As tech writers, we act as the UX conscience of the company. We look at a new PR and realize that while the feature “works,” it requires a 12-step workaround that will result in a flood of support tickets. In our testing, we see that implementing the current change here impacts a downstream component over there that’s actually managed by a different engineering team.
We don’t just document a workaround. Tech writers advocate for a better workflow that actually makes sense in the context of the whole software and problem our solution seeks to solve.
Hunting the “head-bang” moments
A significant portion of a tech writer’s work day is actually spent in the trenches of support tickets and sales feedback. We look for the places where users consistently hit walls. If the same question or problem arises again and again in tickets and prospect meetings, that’s something engineering can address.
The Vague Error Message: If a user gets Error 504: Request Failed, that’s a failure of the UI.
Documentarians are often the ones rewriting that message to say exactly why it failed and how to fix it.
The Silo Gap: Because we sit at the intersection of Engineering, Product, and Support, we see the contradictions. Engineering thinks a feature does X; Sales is promising it does Y; Support is waiting for the fix that does Z. All the while Product and Marketing are crafting a story to dazzle investors without ever even trying to install the software to see what it does.
The docs team is the one who forces the conversation that gets everyone on the same page.
The code is the source of truth
Contrary to popular belief, many of us don’t just “interview SMEs” and wait for a demo.
We’re in the repos.
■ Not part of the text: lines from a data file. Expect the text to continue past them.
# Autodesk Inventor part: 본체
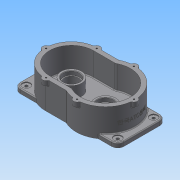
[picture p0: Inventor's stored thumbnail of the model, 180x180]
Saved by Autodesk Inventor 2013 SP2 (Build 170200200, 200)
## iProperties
Created: 2025-09
Part Number: 본체
Material: Generic
Document SubType Name: Modeling
Designer: a
Density: 1 g/cm^3
Author: a
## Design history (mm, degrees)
sketch "스케치1"
  geometry: L1 (-104.5, -55)-(104.5, -55); L2 (118.5, -41)-(118.5, 41); L3 (104.5, 55)-(-104.5, 55); L4 (-118.5, 41)-(-118.5, -41); L5 (-118.5, -55)-(118.5, 55); L6 (118.5, -55)-(-118.5, 55); A1 r 14 centre (-104.5, 41) between (-104.5, 55) and (-118.5, 41); A2 r 14 centre (104.5, 41) between (118.5, 41) and (104.5, 55); A3 r 14 centre (104.5, -41) between (104.5, -55) and (118.5, -41); A4 r 14 centre (-104.5, -41) between (-118.5, -41) and (-104.5, -55); 1 further point
  constraints: 12 end point, 8 point on circle, 8 point on line, 8 tangent, 4 centre point, 2 equal radius, 2 midpoint, 2 parallel, 1 horizontal, 1 perpendicular
  dimensions: "d0" = 237 distance of L5.end L6.end; "d2" = 110 distance of L6.start L5.end; "d3" = 14 radius of A1; "d4" = 14 radius of A2
extrude "돌출1" new body sketch "스케치1" distance "d5" = 10; taper "d6" = 0 deg
sketch "스케치2"
  geometry: L1 (118.5, 41)-(118.5, -41) reference; L2 (104.5, -55)-(-104.5, -55) reference; L3 (-118.5, -41)-(-118.5, 41) reference; L4 (-104.5, 55)-(104.5, 55) reference; L5 (-42.5, 50)-(8.132, 50); L6 (-42.5, -50)-(8.132, -50); L7 (-42.5, 60)-(5.684, 60); L8 (5.684, -60)-(-42.5, -60); A1 r 14 centre (104.5, 41) between (118.5, 41) and (104.5, 55) reference; A2 r 14 centre (104.5, -41) between (104.5, -55) and (118.5, -41) reference; A3 r 14 centre (-104.5, -41) between (-118.5, -41) and (-104.5, -55) reference; A4 r 14 centre (-104.5, 41) between (-104.5, 55) and (-118.5, 41) reference; A5 r 57 centre (35.5, 0) between (8.132, -50) and (8.132, 50); A6 r 50 centre (-42.5, 0) between (-42.5, 50) and (-42.5, -50); A7 r 60 centre (-42.5, 0) between (-42.5, 60) and (-42.5, -60); A8 r 67 centre (35.5, 0) between (5.684, -60) and (5.684, 60); 1 further point
  constraints: 8 end point, 8 point on circle, 4 centre point, 3 parallel, 2 horizontal alignment, 2 tangent, 3 other
  dimensions: "d7" = 114 diameter of A5; "d10" = 100 diameter of A6; "d11" = 76 distance from line of A6.centre L3; "d12" = 78 distance of A5.centre A6.centre; "d13" = 10 distance between parallel lines of L7 L5
  node "절단 모서리 투영1"
extrude "돌출2" join sketch "스케치2" distance "d14" = 64; taper "d15" = 0 deg
sketch "스케치3"
  geometry: L1 (8.132, 50)-(-42.5, 50) reference; L2 (-42.5, -50)-(8.132, -50) reference; L3 (118.5, 41)-(118.5, -41) reference; L4 (104.5, -55)-(73.762, -55) reference; L5 (5.684, -60)-(-42.5, -60) reference; L6 (-66.479, -55)-(-104.5, -55) reference; L7 (-118.5, -41)-(-118.5, 41) reference; L8 (-104.5, 55)-(-66.479, 55) reference; L9 (73.762, 55)-(104.5, 55) reference; L10 (-42.5, 60)-(5.684, 60) reference; L11 (50.467, -55)-(20.533, -55) reference; L12 (20.533, 55)-(50.467, 55) reference; C1 r 23.5 at (-42.5, 0); C2 r 23.5 at (35.5, 0); A1 r 50 centre (-42.5, 0) between (-42.5, 50) and (-42.5, -50) reference; A2 r 14 centre (104.5, 41) between (118.5, 41) and (104.5, 55) reference; A3 r 14 centre (104.5, -41) between (104.5, -55) and (118.5, -41) reference; A4 r 67 centre (35.5, 0) between (5.684, -60) and (73.762, -55) reference; A5 r 60 centre (-42.5, 0) between (-66.479, -55) and (-42.5, -60) reference; A6 r 14 centre (-104.5, -41) between (-118.5, -41) and (-104.5, -55) reference; A7 r 14 centre (-104.5, 41) between (-104.5, 55) and (-118.5, 41) reference; A8 r 60 centre (-42.5, 0) between (-66.479, 55) and (-66.479, -55) reference; A9 r 67 centre (35.5, 0) between (73.762, 55) and (5.684, 60) reference; A10 r 60 centre (-42.5, 0) between (-42.5, 60) and (-66.479, 55) reference; A11 r 67 centre (35.5, 0) between (73.762, -55) and (73.762, 55) reference; A12 r 57 centre (35.5, 0) between (8.132, -50) and (20.533, -55) reference; A13 r 57 centre (35.5, 0) between (20.533, -55) and (50.467, -55) reference; A14 r 57 centre (35.5, 0) between (50.467, -55) and (50.467, 55) reference; A15 r 57 centre (35.5, 0) between (50.467, 55) and (20.533, 55) reference; A16 r 57 centre (35.5, 0) between (20.533, 55) and (8.132, 50) reference; 1 further point
  constraints: 2 centre point, 2 coincident
  dimensions: "d16" = 47 diameter of C1; "d17" = 47 diameter of C2
  node "절단 모서리 투영2"
extrude "돌출3" join sketch "스케치3" distance "d18" = 12; taper "d19" = 0 deg
extrude "돌출4" join sketch "스케치2" distance "d20" = 10; taper "d21" = 0 deg
extrude "돌출5" join sketch "스케치3" distance "d22" = 26; taper "d23" = 0 deg
hole "구멍1" diameter "d26" = 6.6; stored, may be unused: countersink angle "d30" = 90 deg, drill point angle "d32" = 118 deg; dims "d24" = 10, "d25" = 10, "d27" = 6, "d28" = 18, "d29" = 2, "d31" = 8
hole "구멍2" diameter "d35" = 6.6; stored, may be unused: countersink angle "d39" = 90 deg, drill point angle "d41" = 118 deg; dims "d33" = 10, "d34" = 10, "d36" = 6, "d37" = 18, "d38" = 2, "d40" = 8
hole "구멍3" diameter "d44" = 6.6; stored, may be unused: countersink angle "d48" = 90 deg, drill point angle "d50" = 118 deg; dims "d42" = 10, "d43" = 10, "d45" = 6, "d46" = 18, "d47" = 2, "d49" = 8
hole "구멍4" diameter "d53" = 6.6; stored, may be unused: countersink angle "d57" = 90 deg, drill point angle "d59" = 118 deg; dims "d51" = 10, "d52" = 10, "d54" = 6, "d55" = 18, "d56" = 2, "d58" = 8
hole "구멍5" diameter "d62" = 32; stored, may be unused: countersink angle "d66" = 90 deg, drill point angle "d68" = 0 deg; dims "d63" = 6, "d64" = 37, "d65" = 9, "d67" = 16, "d69" = 10, "d70" = 10
hole "구멍6" diameter "d73" = 28; stored, may be unused: countersink angle "d77" = 90 deg, drill point angle "d79" = 0 deg; dims "d71" = 10, "d72" = 10, "d74" = 6, "d75" = 4, "d76" = 2, "d78" = 3
hole "구멍7" diameter "d82" = 30; stored, may be unused: countersink angle "d86" = 90 deg, drill point angle "d88" = 0 deg; dims "d83" = 6, "d84" = 37, "d85" = 9, "d87" = 30, "d183" = 10, "d184" = 10
hole "구멍8" diameter "d91" = 35; stored, may be unused: countersink angle "d95" = 90 deg, drill point angle "d97" = 0 deg; dims "d89" = 10, "d90" = 10, "d92" = 6, "d93" = 37, "d94" = 9, "d96" = 8.3
chamfer "모따기1" distance "d98" = 0.8; stored, may be unused: second distance "d99" = 2, angle "d100" = 30 deg
fillet "모깎기1" dims "d101" = 0.3
chamfer "모따기2" distance "d102" = 1; stored, may be unused: second distance "d103" = 2, angle "d104" = 45 deg
sketch "스케치4"
  geometry: C1 r 8 at (-100.5, 0); C2 r 8 at (-42.5, 58); C3 r 8 at (-42.5, -58); C4 r 8 at (35.5, -65); C5 r 8 at (35.5, 65); C6 r 8 at (100.5, 0); A1 r 57 centre (35.5, 0) between (8.132, -50) and (8.132, 50) reference; A2 r 50 centre (-42.5, 0) between (-42.5, 50) and (-42.5, -50) reference; A3 r 67 centre (35.5, 0) between (5.684, -60) and (5.684, 60) reference; 1 further point
  constraints: 6 centre point, 3 vertical alignment, 2 horizontal alignment
  dimensions: "d105" = 16 diameter of C1; "d106" = 16 diameter of C2; "d107" = 16 diameter of C3; "d108" = 16 diameter of C5; "d109" = 16 diameter of C6; "d110" = 16 diameter of C4; "d111" = 116 distance of C3.centre C2.centre; "d112" = 58 distance of A2.centre C3.centre; "d113" = 58 distance of A2.centre C1.centre; "d114" = 78 horizontal distance of C3.centre C4.centre; "d115" = 130 distance of C5.centre C4.centre; "d116" = 65 distance of C5.centre A1.centre; "d117" = 65 distance of A1.centre C6.centre
extrude "돌출6" join sketch "스케치4" distance "d118" = 12; taper "d119" = 0 deg
hole "구멍9" diameter "d122" = 3.242; stored, may be unused: countersink angle "d126" = 90 deg, drill point angle "d128" = 118 deg; dims "d120" = 10, "d121" = 10, "d123" = 8, "d124" = 37, "d125" = 9, "d127" = 10
hole "구멍10" diameter "d131" = 3.242; stored, may be unused: countersink angle "d135" = 90 deg, drill point angle "d137" = 118 deg; dims "d129" = 10, "d130" = 10, "d132" = 8, "d133" = 37, "d134" = 9, "d136" = 10
hole "구멍11" diameter "d140" = 3.242; stored, may be unused: countersink angle "d144" = 90 deg, drill point angle "d146" = 118 deg; dims "d138" = 10, "d139" = 10, "d141" = 8, "d142" = 37, "d143" = 9, "d145" = 10
hole "구멍12" diameter "d149" = 3.242; stored, may be unused: countersink angle "d153" = 90 deg, drill point angle "d155" = 118 deg; dims "d147" = 10, "d148" = 10, "d150" = 8, "d151" = 37, "d152" = 9, "d154" = 10
hole "구멍13" diameter "d158" = 3.242; stored, may be unused: countersink angle "d162" = 90 deg, drill point angle "d164" = 118 deg; dims "d156" = 10, "d157" = 10, "d159" = 8, "d160" = 37, "d161" = 9, "d163" = 10
hole "구멍14" diameter "d167" = 3.242; stored, may be unused: countersink angle "d171" = 90 deg, drill point angle "d173" = 118 deg; dims "d165" = 10, "d166" = 10, "d168" = 8, "d169" = 37, "d170" = 9, "d172" = 10
sketch "스케치6"
  geometry: L1 (0, 82)-(0, 0) reference; L2 (-10, 0)-(-10, 82) reference; L3 (0, 82)-(-10, 82) reference; L4 (0, 82)-(0, 0) reference; L5 (0, 0)-(-10, 0) reference; L6 (-40, 5)-(-40, 77); L7 (-40, 77)-(-20, 77); L8 (-20, 77)-(-20, 5); L9 (-20, 5)-(-40, 5); 3 further points
  constraints: 2 midpoint, 1 horizontal alignment, 1 parallel, 2 other
  dimensions: "d174" = 20 distance of L8.end L6.start; "d176" = 20 horizontal distance of point (0, 41) L8.end; "d177" = 72 distance of L6.start L6.end
feature "엠보싱1" sketch "스케치6" dims "d0" = 237, "d2" = 110, "d3" = 14, "d4" = 14, "d7" = 114, "d178" = 0.5, "d179" = 0
fillet "모깎기2" dims "d180" = 2
fillet "모깎기3" dims "d181" = 13
fillet "모깎기4" dims "d182" = 2
node "솔리드1"
node "절단 모서리 투영4"

Reading issues and pull requests, including all of the comments.
We’re reading the code to find out what a CLI flag actually does versus what someone thinks it does. Then setting up the data on our machine to test that it works as described.
We’re posing questions to Claude or Gemini or ChatGPT to figure out what and why the code does what it does.
We’re in all the Slack channels checking conversations and asking our own questions about the intents of the programming.
We’re submitting our own PRs to fix branding errors, UI text, or logic gaps that even the best LLMs miss.
The Bottom Line
If you bring your technical writer in at the end of the cycle, you aren’t just getting late documentation. Rather, you’re missing out on your most valuable QA resource.
Documentation isn’t just a description of the product, what it does, and how to do it. Getting good quality documentation is the ultimate stress test for whether your product is actually ready for the world.